戻す場所は決めたはずなのに、疲れている日はそこまで戻せない。

「ちゃんと戻せばいいだけ」

そう分かっていても、そのひと手間が重い日があります。

バッグを持って歩く。

扉を開ける。

分類する。

奥にしまう。

一つひとつは小さくても、疲れた日にはその積み重ねで止まります。

片付けが続かないのは、やる気が弱いからとは限りません。

戻す場所が悪いのではなく、戻すまでの手間が多すぎるのかもしれません。

この記事は、整える暮らしシリーズ第28話です。

今回は、きれいな収納を増やす前に「戻す手間」を減らして、疲れた日でも片付けを続けやすくする考え方をまとめます。

片付けが続かないのは、やる気が弱いからではない

片付けが続かないと、自分を責めたくなります。

また出しっぱなしにしてしまった。

また机の上に置いたままにしてしまった。

また洗濯物をカゴに入れっぱなしにしてしまった。

そういう状態が続くと、「自分は片付けが苦手なんだ」と感じやすくなります。

でも、片付けが続かない原因を、性格や意志だけで考えると改善しにくくなります。

特に、介護の仕事のように体も気持ちも使う仕事をしていると、帰宅後には判断する力がかなり減っています。

勤務中にたくさんの対応や確認をしてきたあとでは、家に帰って物を戻すだけでも重く感じやすいです。

これは怠けているのではなく、一日の中で使える力をかなり使い切っている状態に近いと思います。

疲れている日に必要なのは、もっと頑張ることではありません。

戻すまでの手間を減らして、力が残っていない日でも自然に戻せる形を作ることです。

戻すまでの手間が多いと、疲れた日は続かない

物を戻す時には、見えにくい手間があります。

そこまで歩く。

扉を開ける。

フタを外す。

中身を分ける。

奥にしまう。

またフタを閉める。

机の上に充電器や郵便物を小さなカゴと一緒に置き、戻す手間を減らした一人暮らしの部屋。

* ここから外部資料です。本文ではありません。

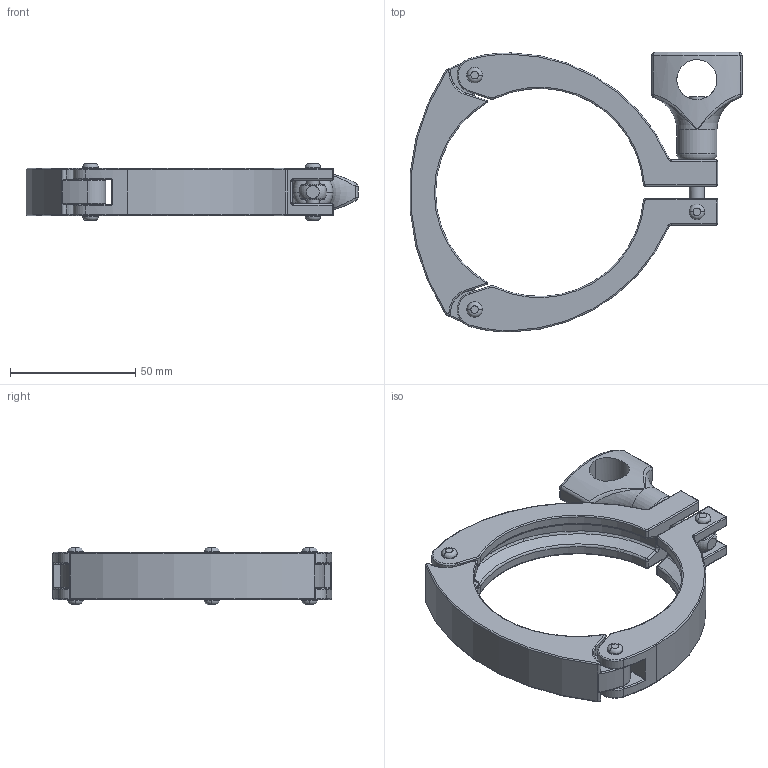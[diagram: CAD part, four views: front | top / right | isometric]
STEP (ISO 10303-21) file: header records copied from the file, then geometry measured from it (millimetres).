
FILE_DESCRIPTION (( 'STEP AP203' ), '1' );
FILE_NAME ('13MHHS3.0.STEP', '2022-06-09T02:32:09', ( '' ), ( '' ), 'SwSTEP 2.0', 'SolidWorks 2014', '' );
FILE_SCHEMA (( 'CONFIG_CONTROL_DESIGN' ));
Length unit declared in the file: millimetre
Products named in the file (7): 13MHHS3.0-1; 13MHHS3.0-3; 13MHHS-PARTS-6; 13MHHS3.0-2; 13MHHS3.0; 13MHHS-PART-4; Wing Nut 14
Assembly tree (8 placements, depth 2):
  13MHHS3.0
    13MHHS3.0-1
    13MHHS3.0-2
    13MHHS3.0-3
    13MHHS-PARTS-6  x3
    13MHHS-PART-4
    Wing Nut 14
Bounding box: 132.45 x 111.64 x 22.8 mm (x, y, z)
Volume: 73248.1 mm3; surface area: 32832.4 mm2
Topology: 8 solids, 8 shells, 579 faces, 1321 edges, 705 vertices
Faces by surface type: torus 180, cylinder 174, bspline 114, plane 62, sphere 42, cone 7
Entity records: 18675 total; most frequent: CARTESIAN_POINT 6365, DIRECTION 2570, ORIENTED_EDGE 2386, EDGE_CURVE 1193, AXIS2_PLACEMENT_3D 1158, CIRCLE 718, VERTEX_POINT 663, EDGE_LOOP 566

元気な時には気にならない動きでも、疲れている日は一つずつ重くなります。

たとえば、充電器を引き出しの中にしまう形にしているとします。

見た目はすっきりします。

でも、毎回引き出しを開けて、コードをまとめて、決まった場所に戻す必要があります。

元気な時はできます。

でも、疲れている日は机の上に置いたままになりやすいです。

これは意志が弱いからではありません。

戻すまでの動きが、今の自分にとって多いだけです。

片付けを続けるには、収納をきれいにする前に、戻すまでの手間を見直した方が効果的です。

きれいな収納ほど、戻す手間が増えることがある

きれいな収納は、見ていて気持ちがいいです。

箱がそろっている。

ラベルが貼ってある。

物が見えない。

引き出しの中まで整っている。

そういう収納は、整った部屋に見えます。

ただし、きれいな収納ほど、戻す手間が増えることがあります。

箱を出す。

フタを開ける。

中の仕切りに合わせて入れる。

またフタを閉める。

箱を戻す。

この流れが必要になると、疲れた日には続きにくくなります。

見た目が整っていても、戻すまでに手間がかかるなら、毎日の暮らしには合っていない場合があります。

片付けは、見た目を完璧に整えることより、疲れて帰ってきた自分が次の日に困りにくくなることの方が大事です。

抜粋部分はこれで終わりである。